In one way, I was better off. At least I now knew that drive had been silently corrupting data for years. But it destroyed my confidence in btrfs forever. Btrfs didn't actually lose any additional data for me, it was in RAID and the data was all still there, so it should have been able to recover itself.

But it simply couldn't. I had to manually use a hex editor to piece a few files back together (and restore many others from backup).

Even worse, when I talked to people on the #btrfs IRC channel, not only was nobody was surprised the btrfs had borked itself due to bad hardware, but everyone recommend that a btrfs filesystem that had been borked could never be trusted. Instead, the only way to get a trustworthy, clean, and canonical btrfs filesystem was to delete it and start from scratch (this time without the stupid faulty drive)

Basically, btrfs appears to be not fit for purpose. The entire point of such a filesystem is that it should be able to run in adverse environments (like faulty hardware) and be tolerant to errors. It should always be possible to repair such a filesystem back to a canonical state.

I too have had data loss from BTRFS. Had a RAID-1 array where one of the drives started flaking out, sometimes it would disappear when rebooting the system. Unfortunately, before I could replace the drive, one time when booting my array had been corrupted and it was unrecoverable (or at least it was unrecoverable with my skill level). This wasn't a long time ago either, this was within the last 2-3 years. When I got the new drive and rebuilt the array, I used ZFS and it has been rock solid.

I wrote a tool to try to attack this specific problem (subtle, random drive corruption) in the general sense https://github.com/pmarreck/bitrot_guard but it requires re-running it for any modified files, which makes it mainly only suitable for long-term archival purposes. I'm not sure why one of these filesystems doesn't just invisibly include/update some par2 or other parity data so you at least get some unexpected corruption protection/insurance (plus notification when things are starting to go awry)

> Basically, btrfs appears to be not fit for purpose.

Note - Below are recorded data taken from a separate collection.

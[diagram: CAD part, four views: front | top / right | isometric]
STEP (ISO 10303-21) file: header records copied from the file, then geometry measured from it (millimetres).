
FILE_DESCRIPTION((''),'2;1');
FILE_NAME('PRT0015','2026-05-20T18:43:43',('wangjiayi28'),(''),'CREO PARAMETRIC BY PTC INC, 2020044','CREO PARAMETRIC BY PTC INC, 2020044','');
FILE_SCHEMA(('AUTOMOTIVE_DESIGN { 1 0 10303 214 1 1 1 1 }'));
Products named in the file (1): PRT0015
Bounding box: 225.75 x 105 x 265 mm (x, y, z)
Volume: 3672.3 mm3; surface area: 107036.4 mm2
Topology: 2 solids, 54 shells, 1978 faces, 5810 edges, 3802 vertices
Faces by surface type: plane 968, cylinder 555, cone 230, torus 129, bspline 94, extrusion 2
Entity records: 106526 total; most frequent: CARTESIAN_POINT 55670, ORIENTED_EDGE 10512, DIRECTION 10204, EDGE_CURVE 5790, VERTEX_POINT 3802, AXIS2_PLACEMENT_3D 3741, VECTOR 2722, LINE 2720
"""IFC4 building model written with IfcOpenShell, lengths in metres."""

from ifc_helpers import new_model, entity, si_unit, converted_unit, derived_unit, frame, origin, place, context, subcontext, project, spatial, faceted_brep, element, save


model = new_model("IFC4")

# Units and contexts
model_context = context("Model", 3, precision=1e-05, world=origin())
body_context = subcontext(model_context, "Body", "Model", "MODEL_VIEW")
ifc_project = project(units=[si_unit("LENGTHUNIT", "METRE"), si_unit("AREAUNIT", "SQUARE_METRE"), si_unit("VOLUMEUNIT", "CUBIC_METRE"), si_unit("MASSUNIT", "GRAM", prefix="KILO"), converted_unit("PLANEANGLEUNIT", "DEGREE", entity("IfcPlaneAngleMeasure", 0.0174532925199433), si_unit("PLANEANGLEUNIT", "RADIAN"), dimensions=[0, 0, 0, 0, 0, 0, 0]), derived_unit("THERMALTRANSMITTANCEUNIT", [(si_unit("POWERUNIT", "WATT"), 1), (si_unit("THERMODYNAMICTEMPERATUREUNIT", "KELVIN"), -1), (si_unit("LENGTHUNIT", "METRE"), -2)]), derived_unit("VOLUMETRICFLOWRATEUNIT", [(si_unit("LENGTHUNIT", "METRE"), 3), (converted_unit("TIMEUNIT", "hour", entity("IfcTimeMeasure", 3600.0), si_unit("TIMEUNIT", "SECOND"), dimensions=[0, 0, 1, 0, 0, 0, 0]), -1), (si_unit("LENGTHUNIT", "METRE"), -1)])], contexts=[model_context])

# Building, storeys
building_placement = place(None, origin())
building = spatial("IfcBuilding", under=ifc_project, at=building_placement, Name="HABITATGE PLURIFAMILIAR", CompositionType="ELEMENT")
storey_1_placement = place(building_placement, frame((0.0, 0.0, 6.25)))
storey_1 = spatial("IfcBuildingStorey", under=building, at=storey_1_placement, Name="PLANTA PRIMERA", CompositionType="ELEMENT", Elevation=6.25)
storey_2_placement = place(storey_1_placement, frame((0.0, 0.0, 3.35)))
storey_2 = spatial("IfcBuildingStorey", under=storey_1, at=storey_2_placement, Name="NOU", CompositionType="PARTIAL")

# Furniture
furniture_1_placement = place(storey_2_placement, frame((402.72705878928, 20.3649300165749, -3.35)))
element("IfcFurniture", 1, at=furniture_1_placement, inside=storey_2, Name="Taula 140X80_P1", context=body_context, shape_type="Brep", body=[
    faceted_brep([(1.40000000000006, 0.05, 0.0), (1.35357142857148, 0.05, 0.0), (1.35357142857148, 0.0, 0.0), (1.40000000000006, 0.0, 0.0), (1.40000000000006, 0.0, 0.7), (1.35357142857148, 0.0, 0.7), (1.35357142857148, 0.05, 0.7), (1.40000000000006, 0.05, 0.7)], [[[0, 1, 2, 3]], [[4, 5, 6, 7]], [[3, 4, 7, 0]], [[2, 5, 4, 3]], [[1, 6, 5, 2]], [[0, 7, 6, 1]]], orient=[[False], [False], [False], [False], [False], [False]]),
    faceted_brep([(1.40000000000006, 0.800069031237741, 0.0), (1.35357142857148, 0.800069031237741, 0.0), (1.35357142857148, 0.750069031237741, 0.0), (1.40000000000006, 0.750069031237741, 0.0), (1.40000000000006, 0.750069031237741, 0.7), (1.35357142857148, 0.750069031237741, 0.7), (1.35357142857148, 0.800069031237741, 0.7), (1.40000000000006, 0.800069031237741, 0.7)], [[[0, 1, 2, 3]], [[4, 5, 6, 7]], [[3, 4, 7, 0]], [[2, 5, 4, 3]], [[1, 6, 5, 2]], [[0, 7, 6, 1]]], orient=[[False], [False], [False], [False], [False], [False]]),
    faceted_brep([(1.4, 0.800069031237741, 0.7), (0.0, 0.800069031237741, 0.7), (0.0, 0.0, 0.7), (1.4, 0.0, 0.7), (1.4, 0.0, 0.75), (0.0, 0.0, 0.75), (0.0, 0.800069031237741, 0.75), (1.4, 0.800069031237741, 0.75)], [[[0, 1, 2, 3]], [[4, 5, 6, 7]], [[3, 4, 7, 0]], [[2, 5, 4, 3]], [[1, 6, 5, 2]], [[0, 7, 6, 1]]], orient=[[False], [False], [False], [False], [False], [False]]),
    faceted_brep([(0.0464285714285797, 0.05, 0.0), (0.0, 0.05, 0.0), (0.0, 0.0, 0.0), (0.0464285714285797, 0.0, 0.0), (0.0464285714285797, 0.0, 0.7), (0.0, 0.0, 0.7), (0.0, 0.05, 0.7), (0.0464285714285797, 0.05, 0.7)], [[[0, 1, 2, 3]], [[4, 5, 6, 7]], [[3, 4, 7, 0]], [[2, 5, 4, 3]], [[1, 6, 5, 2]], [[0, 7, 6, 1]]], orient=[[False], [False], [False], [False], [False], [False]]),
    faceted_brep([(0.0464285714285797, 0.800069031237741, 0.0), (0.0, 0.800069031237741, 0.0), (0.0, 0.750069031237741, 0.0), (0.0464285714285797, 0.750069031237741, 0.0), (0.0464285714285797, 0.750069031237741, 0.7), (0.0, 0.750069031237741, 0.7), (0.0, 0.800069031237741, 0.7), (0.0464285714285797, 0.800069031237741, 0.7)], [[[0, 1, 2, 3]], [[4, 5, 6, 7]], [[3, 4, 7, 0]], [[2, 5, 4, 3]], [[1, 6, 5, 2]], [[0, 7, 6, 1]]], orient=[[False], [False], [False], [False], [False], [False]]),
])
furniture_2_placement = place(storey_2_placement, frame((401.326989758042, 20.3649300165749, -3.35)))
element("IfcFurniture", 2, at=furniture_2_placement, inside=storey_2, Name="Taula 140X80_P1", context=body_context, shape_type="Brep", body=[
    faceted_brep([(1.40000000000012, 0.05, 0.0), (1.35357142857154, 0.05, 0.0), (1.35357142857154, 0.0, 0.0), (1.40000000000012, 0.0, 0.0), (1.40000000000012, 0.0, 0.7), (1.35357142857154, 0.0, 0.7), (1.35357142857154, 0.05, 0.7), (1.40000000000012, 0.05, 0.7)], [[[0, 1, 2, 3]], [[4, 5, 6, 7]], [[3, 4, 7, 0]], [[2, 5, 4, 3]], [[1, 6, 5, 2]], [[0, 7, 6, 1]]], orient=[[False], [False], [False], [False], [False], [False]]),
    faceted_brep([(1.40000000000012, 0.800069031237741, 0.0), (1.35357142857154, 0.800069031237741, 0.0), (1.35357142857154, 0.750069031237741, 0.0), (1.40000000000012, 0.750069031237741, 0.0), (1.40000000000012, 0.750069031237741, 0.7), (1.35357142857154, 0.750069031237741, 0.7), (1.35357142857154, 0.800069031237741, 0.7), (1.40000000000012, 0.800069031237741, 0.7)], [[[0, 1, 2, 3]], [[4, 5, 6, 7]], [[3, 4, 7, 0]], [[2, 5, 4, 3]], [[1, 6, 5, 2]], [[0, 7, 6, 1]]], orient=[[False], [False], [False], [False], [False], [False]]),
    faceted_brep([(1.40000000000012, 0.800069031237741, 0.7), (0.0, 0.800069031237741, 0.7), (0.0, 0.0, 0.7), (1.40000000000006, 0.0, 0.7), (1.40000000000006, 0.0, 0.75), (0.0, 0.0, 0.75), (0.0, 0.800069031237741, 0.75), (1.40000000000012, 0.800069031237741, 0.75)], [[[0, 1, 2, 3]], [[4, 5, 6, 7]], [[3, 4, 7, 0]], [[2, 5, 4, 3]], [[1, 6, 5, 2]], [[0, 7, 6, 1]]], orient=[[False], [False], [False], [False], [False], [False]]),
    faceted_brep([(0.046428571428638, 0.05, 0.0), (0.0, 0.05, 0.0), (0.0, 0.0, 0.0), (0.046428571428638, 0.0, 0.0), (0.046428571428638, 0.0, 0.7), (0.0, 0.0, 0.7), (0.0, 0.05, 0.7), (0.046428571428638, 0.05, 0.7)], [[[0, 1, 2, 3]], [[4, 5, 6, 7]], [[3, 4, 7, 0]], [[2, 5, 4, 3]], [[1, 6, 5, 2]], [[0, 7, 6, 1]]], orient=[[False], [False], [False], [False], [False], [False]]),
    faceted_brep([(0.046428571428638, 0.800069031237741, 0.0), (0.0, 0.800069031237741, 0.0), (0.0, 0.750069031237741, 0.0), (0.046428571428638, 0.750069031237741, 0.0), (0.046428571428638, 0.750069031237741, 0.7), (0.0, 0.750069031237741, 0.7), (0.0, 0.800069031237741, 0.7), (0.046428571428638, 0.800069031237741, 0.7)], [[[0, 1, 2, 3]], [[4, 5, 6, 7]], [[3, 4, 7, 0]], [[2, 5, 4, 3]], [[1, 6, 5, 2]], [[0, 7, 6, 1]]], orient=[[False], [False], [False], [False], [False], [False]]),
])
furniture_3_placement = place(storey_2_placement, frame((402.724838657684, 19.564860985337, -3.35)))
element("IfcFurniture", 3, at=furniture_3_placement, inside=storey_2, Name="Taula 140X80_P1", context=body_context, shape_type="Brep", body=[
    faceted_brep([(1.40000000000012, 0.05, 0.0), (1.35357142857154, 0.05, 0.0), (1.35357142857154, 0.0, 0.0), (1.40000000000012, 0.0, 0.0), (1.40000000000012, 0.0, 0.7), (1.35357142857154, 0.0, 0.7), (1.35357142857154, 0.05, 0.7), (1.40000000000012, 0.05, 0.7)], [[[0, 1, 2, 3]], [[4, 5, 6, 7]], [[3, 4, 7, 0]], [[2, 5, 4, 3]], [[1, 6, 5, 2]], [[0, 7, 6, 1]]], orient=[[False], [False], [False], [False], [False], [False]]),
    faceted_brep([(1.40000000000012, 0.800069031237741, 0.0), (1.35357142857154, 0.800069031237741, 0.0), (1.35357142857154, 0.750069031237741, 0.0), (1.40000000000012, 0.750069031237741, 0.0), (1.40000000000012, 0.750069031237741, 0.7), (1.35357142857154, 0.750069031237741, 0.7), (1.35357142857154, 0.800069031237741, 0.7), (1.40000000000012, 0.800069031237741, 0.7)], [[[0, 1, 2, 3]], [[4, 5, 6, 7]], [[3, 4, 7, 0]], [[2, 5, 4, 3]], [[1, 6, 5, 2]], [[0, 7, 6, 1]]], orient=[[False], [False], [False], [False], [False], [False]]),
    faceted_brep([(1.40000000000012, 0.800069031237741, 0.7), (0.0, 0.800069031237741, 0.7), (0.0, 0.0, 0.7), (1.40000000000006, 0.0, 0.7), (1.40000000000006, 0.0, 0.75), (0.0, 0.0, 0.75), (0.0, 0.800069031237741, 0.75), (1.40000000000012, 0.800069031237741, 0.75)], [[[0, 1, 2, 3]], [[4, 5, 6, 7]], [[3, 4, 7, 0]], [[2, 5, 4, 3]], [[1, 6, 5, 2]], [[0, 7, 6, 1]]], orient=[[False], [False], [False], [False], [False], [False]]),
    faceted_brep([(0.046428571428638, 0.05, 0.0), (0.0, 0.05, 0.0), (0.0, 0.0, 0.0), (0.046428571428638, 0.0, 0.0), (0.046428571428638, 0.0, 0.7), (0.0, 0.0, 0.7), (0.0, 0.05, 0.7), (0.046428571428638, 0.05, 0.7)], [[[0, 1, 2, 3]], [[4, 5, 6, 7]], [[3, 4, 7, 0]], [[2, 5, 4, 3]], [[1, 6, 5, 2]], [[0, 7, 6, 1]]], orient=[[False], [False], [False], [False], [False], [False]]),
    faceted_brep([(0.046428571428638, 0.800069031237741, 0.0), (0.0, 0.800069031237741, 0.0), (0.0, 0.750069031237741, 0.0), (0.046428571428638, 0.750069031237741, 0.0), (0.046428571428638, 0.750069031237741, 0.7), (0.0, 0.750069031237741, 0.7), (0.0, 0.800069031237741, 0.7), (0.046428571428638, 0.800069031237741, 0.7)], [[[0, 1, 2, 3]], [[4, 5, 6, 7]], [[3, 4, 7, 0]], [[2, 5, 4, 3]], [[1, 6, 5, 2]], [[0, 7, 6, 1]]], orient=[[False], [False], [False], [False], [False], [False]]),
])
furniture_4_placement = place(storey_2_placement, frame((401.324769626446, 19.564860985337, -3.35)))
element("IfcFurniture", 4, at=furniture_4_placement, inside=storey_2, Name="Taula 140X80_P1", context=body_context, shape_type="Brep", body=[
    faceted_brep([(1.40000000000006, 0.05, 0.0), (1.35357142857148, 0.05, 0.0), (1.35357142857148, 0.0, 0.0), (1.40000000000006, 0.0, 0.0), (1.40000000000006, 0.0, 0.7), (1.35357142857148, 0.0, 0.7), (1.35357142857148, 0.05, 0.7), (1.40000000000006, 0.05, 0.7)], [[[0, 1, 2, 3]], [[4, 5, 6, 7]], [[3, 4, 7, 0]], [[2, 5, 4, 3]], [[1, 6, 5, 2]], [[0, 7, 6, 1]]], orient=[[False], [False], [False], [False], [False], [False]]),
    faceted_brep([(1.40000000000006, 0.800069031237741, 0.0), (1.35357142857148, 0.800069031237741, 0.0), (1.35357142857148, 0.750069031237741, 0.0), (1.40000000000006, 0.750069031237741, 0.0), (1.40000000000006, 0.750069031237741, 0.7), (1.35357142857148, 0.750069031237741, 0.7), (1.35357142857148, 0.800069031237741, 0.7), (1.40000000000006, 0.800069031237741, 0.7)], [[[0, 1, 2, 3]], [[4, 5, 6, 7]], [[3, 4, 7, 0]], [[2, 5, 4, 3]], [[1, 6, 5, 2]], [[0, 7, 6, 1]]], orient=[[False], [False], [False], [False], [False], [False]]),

The entire point of such a filesystem is that it should be able to run in adverse environments (like faulty hardware) and be tolerant to errors. It should always be possible to repair such a filesystem back to a canonical state.

Pretty sure all file systems and their developers are unsurprised by file system corruption occurring on bad hardware.

There are also drives that report successful flush and fua, but the expected (meta)data is not yet on stable media. That results in out of order writes. There's no consequence unless there's a badly timed crash or power failure. In that case there's out of order writes and possibly dropped writes (what was left in the write cache).

File system developers have told me that their designs do not account for drives miscommunicating flush/fua succeeding when it hasn't. This is like operating under nobarrier some of the time.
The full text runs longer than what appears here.